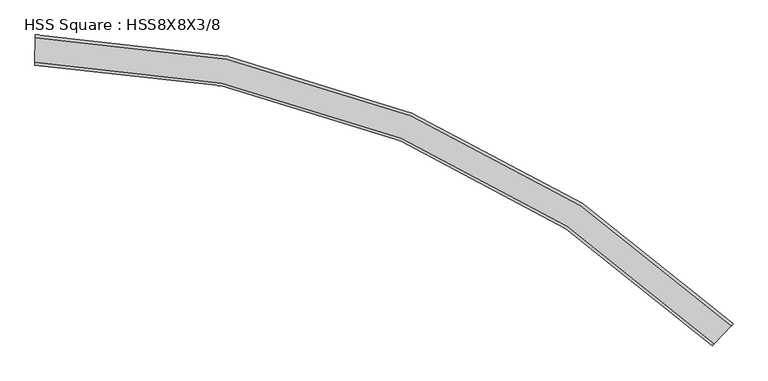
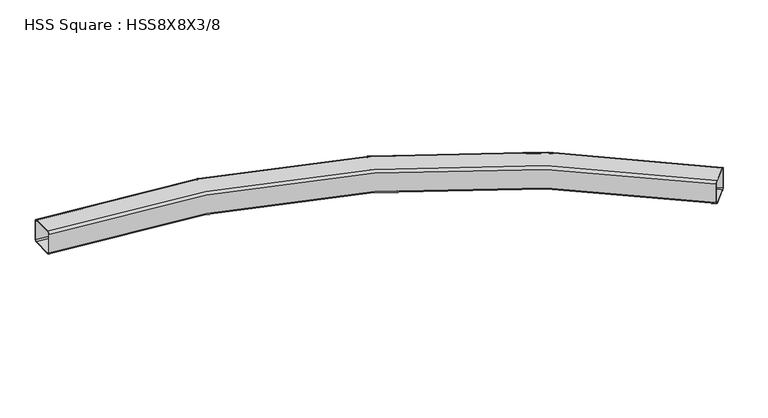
"""IFC4 building model written with IfcOpenShell, lengths in millimetres: beam geometry, HSS Square : HSS8X8X3/8."""

import ifcopenshell
import ifcopenshell.guid

model = None  # the IFC model being written
_history = None  # IfcOwnerHistory: only IFC2X3 demands one
_inside = {}  # id of a spatial element -> (the spatial element, [elements in it])
_under = {}  # id of a project, library or spatial element -> (it, [spatial elements below it])
_declared = {}  # id of a project -> (the project, [libraries it declares])
_typed = {}  # id of a type object -> (the type object, [elements of that type])
_made_of = {}  # id of a material, layer set ... -> (it, [elements and type objects made of it])


def new_model(schema):
    """Start an empty IFC model of exactly this schema.

    Asked for "IFC4X3", IfcOpenShell would pick the latest addendum, in which some entities
    have other attributes; the version numbers below select the first issue.
    IFC2X3 requires an IfcOwnerHistory on every rooted entity: one is made here for all.
    """
    global model, _history
    if schema == "IFC4X3":
        model = ifcopenshell.file(schema_version=(4, 3, 0, 0))
    else:
        model = ifcopenshell.file(schema=schema)
    _inside.clear()
    _under.clear()
    _declared.clear()
    _typed.clear()
    _made_of.clear()
    _history = None
    if model.schema == "IFC2X3":
        org = make("IfcOrganization", Name="unknown")
        user = make(
            "IfcPersonAndOrganization",
            ThePerson=make("IfcPerson", FamilyName="unknown"),
            TheOrganization=org,
        )
        app = make(
            "IfcApplication",
            ApplicationDeveloper=org,
            Version="unknown",
            ApplicationFullName="unknown",
            ApplicationIdentifier="unknown",
        )
        _history = make(
            "IfcOwnerHistory",
            OwningUser=user,
            OwningApplication=app,
            ChangeAction="ADDED",
            CreationDate=0,
        )
    return model


def make(cls, **values):
    """One entity of the class cls with the attributes given. An attribute that is None is left unset."""
    return model.create_entity(
        cls, **{name: value for name, value in values.items() if value is not None}
    )


def rooted(cls, **values):
    """An entity with a GlobalId (a new one), such as an element, a storey or a relation."""
    return make(cls, GlobalId=ifcopenshell.guid.new(), OwnerHistory=_history, **values)


def si_unit(unit_type, name, prefix=None):
    """IfcSIUnit, for example si_unit("LENGTHUNIT", "METRE", prefix="MILLI")."""
    return make("IfcSIUnit", UnitType=unit_type, Prefix=prefix, Name=name)


def assignment(units):
    """IfcUnitAssignment: the units of a project."""
    return None if units is None else make("IfcUnitAssignment", Units=units)


def point(xyz):
    """IfcCartesianPoint."""
    return None if xyz is None else make("IfcCartesianPoint", Coordinates=xyz)


def direction(xyz):
    """IfcDirection."""
    return None if xyz is None else make("IfcDirection", DirectionRatios=xyz)


def frame(location, z_axis=None, x_axis=None):
    """IfcAxis2Placement3D, a coordinate frame: its origin and axes. An axis left out is left unset."""
    return make(
        "IfcAxis2Placement3D",
        Location=point(location),
        Axis=direction(z_axis),
        RefDirection=direction(x_axis),
    )


def origin():
    """The frame at (0, 0, 0) with its axes left unset."""
    return frame((0.0, 0.0, 0.0))


def place(relative_to, where):
    """IfcLocalPlacement: puts the frame where relative to a parent placement (None: the world)."""
    return make(
        "IfcLocalPlacement", PlacementRelTo=relative_to, RelativePlacement=where
    )


def context(
    kind, dimensions, precision=None, world=None, true_north=None, identifier=None
):
    """IfcGeometricRepresentationContext, for example the 3D "Model" context."""
    return make(
        "IfcGeometricRepresentationContext",
        ContextIdentifier=identifier,
        ContextType=kind,
        CoordinateSpaceDimension=dimensions,
        Precision=precision,
        WorldCoordinateSystem=world,
        TrueNorth=true_north,
    )


def project(units=None, contexts=None):
    """IfcProject with its units and contexts."""
    return rooted(
        "IfcProject",
        Name="project",
        RepresentationContexts=contexts,
        UnitsInContext=assignment(units),
    )


def spatial(cls, under=None, at=None, **own):
    """A site, building, storey or space (cls), placed at a placement, below another one or the project."""
    s = rooted(cls, ObjectPlacement=at, **own)
    if under is not None:
        _under.setdefault(under.id(), (under, []))[1].append(s)
    return s


def polyline(points):
    """IfcPolyline through the points."""
    return make("IfcPolyline", Points=[point(p) for p in points])


def circle_curve(where, radius):
    """IfcCircle in the frame where."""
    return make("IfcCircle", Position=where, Radius=radius)


def ellipse_curve(where, semi_axis1, semi_axis2):
    """IfcEllipse in the frame where."""
    return make(
        "IfcEllipse", Position=where, SemiAxis1=semi_axis1, SemiAxis2=semi_axis2
    )


def trimmed(basis, trim1, trim2, sense, master):
    """IfcTrimmedCurve: the piece of a basis curve between two trims."""
    return make(
        "IfcTrimmedCurve",
        BasisCurve=basis,
        Trim1=trim1,
        Trim2=trim2,
        SenseAgreement=sense,
        MasterRepresentation=master,
    )


def shape(context_of_items, identifier, shape_type, items):
    """IfcShapeRepresentation: the items that make up one representation, for example the "Body"."""
    return make(
        "IfcShapeRepresentation",
        ContextOfItems=context_of_items,
        RepresentationIdentifier=identifier,
        RepresentationType=shape_type,
        Items=items,
    )


def source(mapping_origin, context_of_items, identifier, shape_type, items):
    """IfcRepresentationMap: a shape defined once, which mapped items show again and again."""
    return make(
        "IfcRepresentationMap",
        MappingOrigin=mapping_origin,
        MappedRepresentation=shape(context_of_items, identifier, shape_type, items),
    )


def transform(
    local_origin,
    x_axis=None,
    y_axis=None,
    z_axis=None,
    scale=None,
    scale2=None,
    scale3=None,
    uniform=True,
):
    """IfcCartesianTransformationOperator3D, or its non-uniform kind. x_axis, y_axis, z_axis: its Axis1, 2, 3."""
    if uniform:
        return make(
            "IfcCartesianTransformationOperator3D",
            Axis1=direction(x_axis),
            Axis2=direction(y_axis),
            LocalOrigin=point(local_origin),
            Scale=scale,
            Axis3=direction(z_axis),
        )
    return make(
        "IfcCartesianTransformationOperator3DnonUniform",
        Axis1=direction(x_axis),
        Axis2=direction(y_axis),
        LocalOrigin=point(local_origin),
        Scale=scale,
        Axis3=direction(z_axis),
        Scale2=scale2,
        Scale3=scale3,
    )


def mapped(mapping_source, mapping_target):
    """IfcMappedItem: shows the shape of a source again, moved by a transform."""
    return make(
        "IfcMappedItem", MappingSource=mapping_source, MappingTarget=mapping_target
    )


def made_of(thing, what):
    """Note that an element or type object is made of a material, layer set ...; save() writes the relation."""
    if what is not None:
        _made_of.setdefault(what.id(), (what, []))[1].append(thing)
    return thing


def element(
    cls,
    number,
    at=None,
    inside=None,
    cuts=None,
    type_object=None,
    material=None,
    context=None,
    identifier="Body",
    shape_type=None,
    held_by="IfcProductDefinitionShape",
    body=None,
    shapes=None,
    **own,
):
    """One element of the class cls, such as IfcWall. Its Tag is "e" and its number.

    at: its placement. inside: the storey or other place that contains it. cuts: it is an
    opening in that element (IfcRelVoidsElement). A single representation is given by context,
    identifier, shape_type and body (its items); several are given by shapes. held_by: the class
    of the entity that holds the representations. save() writes the other relations.
    """
    e = rooted(cls, Tag="e%d" % number, ObjectPlacement=at, **own)
    if body is not None:
        shapes = [shape(context, identifier, shape_type, body)]
    if shapes is not None:
        e.Representation = make(held_by, Representations=shapes)
    if inside is not None:
        _inside.setdefault(inside.id(), (inside, []))[1].append(e)
    if cuts is not None:
        rooted(
            "IfcRelVoidsElement", RelatingBuildingElement=cuts, RelatedOpeningElement=e
        )
    if type_object is not None:
        _typed.setdefault(type_object.id(), (type_object, []))[1].append(e)
    return made_of(e, material)


def aggregate(whole, parts):
    """IfcRelAggregates: a whole, such as a stair, and the parts it consists of."""
    return rooted("IfcRelAggregates", RelatingObject=whole, RelatedObjects=parts)


def save(model, path):
    """Write the relations noted so far, then the file.

    IfcRelAggregates (storeys below a building ...), IfcRelContainedInSpatialStructure (elements
    in a storey), IfcRelDefinesByType, IfcRelAssociatesMaterial and IfcRelDeclares: one each for
    every whole, place, type object, material and project.
    """
    for whole, parts in _under.values():
        aggregate(whole, parts)
    for where, things in _inside.values():
        rooted(
            "IfcRelContainedInSpatialStructure",
            RelatedElements=things,
            RelatingStructure=where,
        )
    for kind, things in _typed.values():
        rooted("IfcRelDefinesByType", RelatedObjects=things, RelatingType=kind)
    for what, things in _made_of.values():
        rooted("IfcRelAssociatesMaterial", RelatedObjects=things, RelatingMaterial=what)
    for by, libraries in _declared.values():
        rooted("IfcRelDeclares", RelatingContext=by, RelatedDefinitions=libraries)
    model.write(path)


def plane_surface(at):
    """IfcPlane: the flat surface through the origin of the frame at, square to its z axis."""
    return make("IfcPlane", Position=at)


def cylinder_surface(at, radius):
    """IfcCylindricalSurface: all points at the distance radius from the z axis of the frame at."""
    return make("IfcCylindricalSurface", Position=at, Radius=radius)


def revolved_surface(curve, axis_point, axis_direction):
    """IfcSurfaceOfRevolution: the curve turned about the line through axis_point along axis_direction."""
    return make(
        "IfcSurfaceOfRevolution",
        SweptCurve=make("IfcArbitraryOpenProfileDef", ProfileType="CURVE", Curve=curve),
        AxisPosition=make("IfcAxis1Placement", Location=point(axis_point), Axis=direction(axis_direction)),
    )


def advanced_brep(points, edges, surfaces, faces):
    """IfcAdvancedBrep: a solid bounded by faces that lie on surfaces and meet in shared edges.

    An edge is (start, end): straight between two places in points (the first is 0);
    or (start, end, curve); or (start, end, curve, False) where it runs against its curve.
    A face is (place in surfaces, loops), or (place, loops, False) where it looks against
    its surface's normal. A loop lists edges by number (the first is 1), with a minus sign
    where the edge is run from its end to its start. The first loop is the outer one.
    """
    corners = [point(p) for p in points]
    vertices = [make("IfcVertexPoint", VertexGeometry=c) for c in corners]
    made = []
    for start, end, *more in edges:
        made.append(
            make(
                "IfcEdgeCurve",
                EdgeStart=vertices[start],
                EdgeEnd=vertices[end],
                EdgeGeometry=more[0] if more else make("IfcPolyline", Points=[corners[start], corners[end]]),
                SameSense=more[1] if len(more) > 1 else True,
            )
        )
    hull = []
    for where, loops, *sense in faces:
        bounds = []
        for j, loop in enumerate(loops):
            ring = [make("IfcOrientedEdge", EdgeElement=made[abs(k) - 1], Orientation=k > 0) for k in loop]
            bounds.append(
                make(
                    "IfcFaceOuterBound" if j == 0 else "IfcFaceBound",
                    Bound=make("IfcEdgeLoop", EdgeList=ring),
                    Orientation=True,
                )
            )
        hull.append(make("IfcAdvancedFace", Bounds=bounds, FaceSurface=surfaces[where], SameSense=sense[0] if sense else True))
    return make("IfcAdvancedBrep", Outer=make("IfcClosedShell", CfsFaces=hull))


def hss_square_hss8x8x3_8_81874951(model_context):
    return source(origin(), model_context, "Body", "AdvancedBrep", [
        advanced_brep(
        [(4804.7973664, -1841.5400592, 82.55), (4791.5549299, -1855.2345974, 101.6), (4676.7871471, -1973.9205951, 101.6), (4663.5447107, -1987.6151333, 82.55), (4663.5447107, -1987.6151333, -82.55), (4676.7871471, -1973.9205951, -101.6), (4791.5549299, -1855.2345974, -101.6), (4804.7973664, -1841.5400592, -82.55), (4676.7871471, -1973.9205951, 92.075), (4791.5549299, -1855.2345974, 92.075), (4798.1761481, -1848.3873283, 82.55), (4798.1761481, -1848.3873283, -82.55), (4791.5549299, -1855.2345974, -92.075), (4676.7871471, -1973.9205951, -92.075), (4670.1659289, -1980.7678642, -82.55), (4670.1659289, -1980.7678642, 82.55), (115.9920812, 100.6266812, 82.55), (115.9920812, 100.6266812, -82.55), (115.672397, 81.5793638, -101.6), (112.9018007, -83.4973875, -101.6), (112.5821165, -102.5447049, -82.55), (112.5821165, -102.5447049, 82.55), (112.9018007, -83.4973875, 101.6), (115.672397, 81.5793638, 101.6), (112.9018007, -83.4973875, 92.075), (112.7419586, -93.0210462, 82.55), (112.7419586, -93.0210462, -82.55), (112.9018007, -83.4973875, -92.075), (115.672397, 81.5793638, -92.075), (115.8322391, 91.1030225, -82.55), (115.8322391, 91.1030225, 82.55), (115.672397, 81.5793638, 92.075)],
        [
            (0, 1, circle_curve(frame((4791.5549299, -1855.2345974, 82.55), z_axis=(0.7188733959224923, -0.6951410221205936, 0.0), x_axis=(-0.6951410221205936, -0.7188733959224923, 0.0)), 19.05)),
            (1, 2),
            (2, 3, circle_curve(frame((4676.7871471, -1973.9205951, 82.55), z_axis=(0.7188733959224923, -0.6951410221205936, 0.0), x_axis=(-0.6951410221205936, -0.7188733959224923, 0.0)), 19.05)),
            (3, 4),
            (4, 5, circle_curve(frame((4676.7871471, -1973.9205951, -82.55), z_axis=(0.718873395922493, -0.6951410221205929, 0.0), x_axis=(-0.6951410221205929, -0.718873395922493, 0.0)), 19.05)),
            (5, 6),
            (6, 7, circle_curve(frame((4791.5549299, -1855.2345974, -82.55), z_axis=(0.718873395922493, -0.6951410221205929, 0.0), x_axis=(-0.6951410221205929, -0.718873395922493, 0.0)), 19.05)),
            (7, 0),
            (8, 9),
            (9, 10, circle_curve(frame((4791.5549299, -1855.2345974, 82.55), z_axis=(-0.7188733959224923, 0.6951410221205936, 0.0), x_axis=(-0.6951410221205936, -0.7188733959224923, 0.0)), 9.525)),
            (10, 11),
            (11, 12, circle_curve(frame((4791.5549299, -1855.2345974, -82.55), z_axis=(-0.7188733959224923, 0.6951410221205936, 0.0), x_axis=(-0.6951410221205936, -0.7188733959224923, 0.0)), 9.525)),
            (12, 13),
            (13, 14, circle_curve(frame((4676.7871471, -1973.9205951, -82.55), z_axis=(-0.7188733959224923, 0.6951410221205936, 0.0), x_axis=(-0.6951410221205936, -0.7188733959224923, 0.0)), 9.525)),
            (14, 15),
            (15, 8, circle_curve(frame((4676.7871471, -1973.9205951, 82.55), z_axis=(-0.7188733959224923, 0.6951410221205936, 0.0), x_axis=(-0.6951410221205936, -0.7188733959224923, 0.0)), 9.525)),
            (16, 17),
            (17, 18, circle_curve(frame((115.672397, 81.5793638, -82.55), z_axis=(-0.9998591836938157, 0.016781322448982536, 0.0), x_axis=(-0.016781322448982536, -0.9998591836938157, 0.0)), 19.05)),
            (18, 19),
            (19, 20, circle_curve(frame((112.9018007, -83.4973875, -82.55), z_axis=(-0.9998591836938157, 0.016781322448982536, 0.0), x_axis=(-0.016781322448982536, -0.9998591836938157, 0.0)), 19.05)),
            (20, 21),
            (21, 22, circle_curve(frame((112.9018007, -83.4973875, 82.55), z_axis=(-0.9998591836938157, 0.016781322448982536, 0.0), x_axis=(-0.016781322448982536, -0.9998591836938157, 0.0)), 19.05)),
            (22, 23),
            (23, 16, circle_curve(frame((115.672397, 81.5793638, 82.55), z_axis=(-0.9998591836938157, 0.016781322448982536, 0.0), x_axis=(-0.016781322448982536, -0.9998591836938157, 0.0)), 19.05)),
            (24, 25, circle_curve(frame((112.9018007, -83.4973875, 82.55), z_axis=(0.9998591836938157, -0.016781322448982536, 0.0), x_axis=(-0.016781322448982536, -0.9998591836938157, 0.0)), 9.525)),
            (25, 26),
            (26, 27, circle_curve(frame((112.9018007, -83.4973875, -82.55), z_axis=(0.9998591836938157, -0.016781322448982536, 0.0), x_axis=(-0.016781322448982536, -0.9998591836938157, 0.0)), 9.525)),
            (27, 28),
            (28, 29, circle_curve(frame((115.672397, 81.5793638, -82.55), z_axis=(0.9998591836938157, -0.016781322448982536, 0.0), x_axis=(-0.016781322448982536, -0.9998591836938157, 0.0)), 9.525)),
            (29, 30),
            (30, 31, circle_curve(frame((115.672397, 81.5793638, 82.55), z_axis=(0.9998591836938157, -0.016781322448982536, 0.0), x_axis=(-0.016781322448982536, -0.9998591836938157, 0.0)), 9.525)),
            (31, 24),
            (0, 16, circle_curve(frame((0.0, -6810.375, 82.55), z_axis=(0.0, 0.0, 1.0), x_axis=(1.0, 0.0, 0.0)), 6911.975)),
            (23, 1, circle_curve(frame((0.0, -6810.375, 101.6), z_axis=(0.0, 0.0, -1.0), x_axis=(1.0, 0.0, 0.0)), 6892.925)),
            (22, 2, circle_curve(frame((0.0, -6810.375, 101.6), z_axis=(0.0, 0.0, -1.0), x_axis=(1.0, 0.0, 0.0)), 6727.825)),
            (21, 3, circle_curve(frame((0.0, -6810.375, 82.55), z_axis=(0.0, 0.0, -1.0), x_axis=(1.0, 0.0, 0.0)), 6708.775)),
            (20, 4, circle_curve(frame((0.0, -6810.375, -82.55), z_axis=(0.0, 0.0, -1.0), x_axis=(1.0, 0.0, 0.0)), 6708.775)),
            (19, 5, circle_curve(frame((0.0, -6810.375, -101.6), z_axis=(0.0, 0.0, -1.0), x_axis=(1.0, 0.0, 0.0)), 6727.825)),
            (18, 6, circle_curve(frame((0.0, -6810.375, -101.6), z_axis=(0.0, 0.0, -1.0), x_axis=(1.0, 0.0, 0.0)), 6892.925)),
            (17, 7, circle_curve(frame((0.0, -6810.375, -82.55), z_axis=(0.0, 0.0, -1.0), x_axis=(1.0, 0.0, 0.0)), 6911.975)),
            (8, 24, circle_curve(frame((0.0, -6810.375, 92.075), z_axis=(0.0, 0.0, 1.0), x_axis=(1.0, 0.0, 0.0)), 6727.825)),
            (31, 9, circle_curve(frame((0.0, -6810.375, 92.075), z_axis=(0.0, 0.0, -1.0), x_axis=(1.0, 0.0, 0.0)), 6892.925)),
            (30, 10, circle_curve(frame((0.0, -6810.375, 82.55), z_axis=(0.0, 0.0, -1.0), x_axis=(1.0, 0.0, 0.0)), 6902.45)),
            (29, 11, circle_curve(frame((0.0, -6810.375, -82.55), z_axis=(0.0, 0.0, -1.0), x_axis=(1.0, 0.0, 0.0)), 6902.45)),
            (28, 12, circle_curve(frame((0.0, -6810.375, -92.075), z_axis=(0.0, 0.0, -1.0), x_axis=(1.0, 0.0, 0.0)), 6892.925)),
            (27, 13, circle_curve(frame((0.0, -6810.375, -92.075), z_axis=(0.0, 0.0, -1.0), x_axis=(1.0, 0.0, 0.0)), 6727.825)),
            (26, 14, circle_curve(frame((0.0, -6810.375, -82.55), z_axis=(0.0, 0.0, -1.0), x_axis=(1.0, 0.0, 0.0)), 6718.3)),
            (25, 15, circle_curve(frame((0.0, -6810.375, 82.55), z_axis=(0.0, 0.0, -1.0), x_axis=(1.0, 0.0, 0.0)), 6718.3)),
        ],
        [
            plane_surface(frame((4734.1710385, -1914.5775962, 0.0), z_axis=(0.7188733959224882, -0.6951410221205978, 0.0), x_axis=(0.0, 0.0, 1.0))),
            plane_surface(frame((114.2870989, -0.9590119, 0.0), z_axis=(-0.9998591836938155, 0.016781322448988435, 0.0), x_axis=(0.0, 0.0, 1.0))),
            revolved_surface(trimmed(ellipse_curve(frame((6892.925, -6810.375, 82.55), z_axis=(0.0, 1.0, 0.0), x_axis=(-1.0, 0.0, 0.0)), 19.05, 19.05), [point((6892.925, -6810.375, 101.6))], [point((6911.975, -6810.375, 82.55))], True, "CARTESIAN"), (0.0, -6810.375, 0.0), (0.0, 0.0, -1.0)),
            plane_surface(frame((0.0, -6810.375, 101.6), z_axis=(0.0, 0.0, 1.0), x_axis=(1.0, 0.0, 0.0))),
            revolved_surface(trimmed(ellipse_curve(frame((6727.825, -6810.375, 82.55), z_axis=(0.0, 1.0, 0.0), x_axis=(-1.0, 0.0, 0.0)), 19.05, 19.05), [point((6708.775, -6810.375, 82.55))], [point((6727.825, -6810.375, 101.6))], True, "CARTESIAN"), (0.0, -6810.375, 0.0), (0.0, 0.0, -1.0)),
            revolved_surface(polyline([(6708.775, -6810.375, -82.55), (6708.775, -6810.375, 82.55)]), (0.0, -6810.375, 0.0), (0.0, 0.0, -1.0)),
            revolved_surface(trimmed(ellipse_curve(frame((6727.825, -6810.375, -82.55), z_axis=(0.0, 1.0, 0.0), x_axis=(-1.0, 0.0, 0.0)), 19.05, 19.05), [point((6727.825, -6810.375, -101.6))], [point((6708.775, -6810.375, -82.55))], True, "CARTESIAN"), (0.0, -6810.375, 0.0), (0.0, 0.0, -1.0)),
            plane_surface(frame((0.0, -6810.375, -101.6), z_axis=(0.0, 0.0, -1.0), x_axis=(1.0, 0.0, 0.0))),
            revolved_surface(trimmed(ellipse_curve(frame((6892.925, -6810.375, -82.55), z_axis=(0.0, 1.0, 0.0), x_axis=(-1.0, 0.0, 0.0)), 19.05, 19.05), [point((6911.975, -6810.375, -82.55))], [point((6892.925, -6810.375, -101.6))], True, "CARTESIAN"), (0.0, -6810.375, 0.0), (0.0, 0.0, -1.0)),
            cylinder_surface(frame((0.0, -6810.375, 0.0), z_axis=(0.0, 0.0, -1.0), x_axis=(1.0, 0.0, 0.0)), 6911.975),
            plane_surface(frame((0.0, -6810.375, 92.075), z_axis=(0.0, 0.0, -1.0), x_axis=(1.0, 0.0, 0.0))),
            revolved_surface(trimmed(ellipse_curve(frame((6892.925, -6810.375, 82.55), z_axis=(0.0, -1.0, 0.0), x_axis=(-1.0, 0.0, 0.0)), 9.525, 9.525), [point((6902.45, -6810.375, 82.55))], [point((6892.925, -6810.375, 92.075))], True, "CARTESIAN"), (0.0, -6810.375, 0.0), (0.0, 0.0, -1.0)),
            revolved_surface(polyline([(6902.45, -6810.375, -82.55), (6902.45, -6810.375, 82.55)]), (0.0, -6810.375, 0.0), (0.0, 0.0, -1.0)),
            revolved_surface(trimmed(ellipse_curve(frame((6892.925, -6810.375, -82.55), z_axis=(0.0, -1.0, 0.0), x_axis=(-1.0, 0.0, 0.0)), 9.525, 9.525), [point((6892.925, -6810.375, -92.075))], [point((6902.45, -6810.375, -82.55))], True, "CARTESIAN"), (0.0, -6810.375, 0.0), (0.0, 0.0, -1.0)),
            plane_surface(frame((0.0, -6810.375, -92.075), z_axis=(0.0, 0.0, 1.0), x_axis=(1.0, 0.0, 0.0))),
            revolved_surface(trimmed(ellipse_curve(frame((6727.825, -6810.375, -82.55), z_axis=(0.0, -1.0, 0.0), x_axis=(-1.0, 0.0, 0.0)), 9.525, 9.525), [point((6718.3, -6810.375, -82.55))], [point((6727.825, -6810.375, -92.075))], True, "CARTESIAN"), (0.0, -6810.375, 0.0), (0.0, 0.0, -1.0)),
            cylinder_surface(frame((0.0, -6810.375, 0.0), z_axis=(0.0, 0.0, -1.0), x_axis=(1.0, 0.0, 0.0)), 6718.3),
            revolved_surface(trimmed(ellipse_curve(frame((6727.825, -6810.375, 82.55), z_axis=(0.0, -1.0, 0.0), x_axis=(-1.0, 0.0, 0.0)), 9.525, 9.525), [point((6727.825, -6810.375, 92.075))], [point((6718.3, -6810.375, 82.55))], True, "CARTESIAN"), (0.0, -6810.375, 0.0), (0.0, 0.0, -1.0)),
        ],
        [
            (0, [[1, 2, 3, 4, 5, 6, 7, 8], [9, 10, 11, 12, 13, 14, 15, 16]]),
            (1, [[17, 18, 19, 20, 21, 22, 23, 24], [25, 26, 27, 28, 29, 30, 31, 32]]),
            (2, [[-1, 33, -24, 34]]),
            (3, [[-2, -34, -23, 35]]),
            (4, [[-3, -35, -22, 36]]),
            (5, [[-4, -36, -21, 37]]),
            (6, [[-5, -37, -20, 38]]),
            (7, [[-6, -38, -19, 39]]),
            (8, [[-7, -39, -18, 40]]),
            (9, [[-8, -40, -17, -33]]),
            (10, [[-9, 41, -32, 42]]),
            (11, [[-10, -42, -31, 43]]),
            (12, [[-11, -43, -30, 44]]),
            (13, [[-12, -44, -29, 45]]),
            (14, [[-13, -45, -28, 46]]),
            (15, [[-14, -46, -27, 47]]),
            (16, [[-15, -47, -26, 48]]),
            (17, [[-16, -48, -25, -41]]),
        ],
    ),
    ])


if __name__ == "__main__":
    model = new_model("IFC4")
    model_context = context("Model", 3, world=origin())
    ifc_project = project(units=[si_unit("LENGTHUNIT", "METRE", prefix="MILLI")], contexts=[model_context])
    site = spatial("IfcSite", under=ifc_project)
    building = spatial("IfcBuilding", under=site)
    placement = place(None, origin())
    hss_square_hss8x8x3_8_shape = hss_square_hss8x8x3_8_81874951(model_context)
    element("IfcBeam", 1, ObjectType="HSS Square : HSS8X8X3/8", at=placement, inside=building, context=model_context, shape_type="MappedRepresentation", body=[
        mapped(hss_square_hss8x8x3_8_shape, transform((0.0, 0.0, 0.0), x_axis=(1.0, 0.0, 0.0), y_axis=(0.0, 1.0, 0.0), z_axis=(0.0, 0.0, 1.0))),
    ])
    save(model, "model.ifc")

□ □ □

- TASK TO CARRY OUT:
Which lines of the data include the string "against"? Copy each of them.

- SOLUTION TO THE EXERCISE:
    or (start, end, curve); or (start, end, curve, False) where it runs against its curve.
    A face is (place in surfaces, loops), or (place, loops, False) where it looks against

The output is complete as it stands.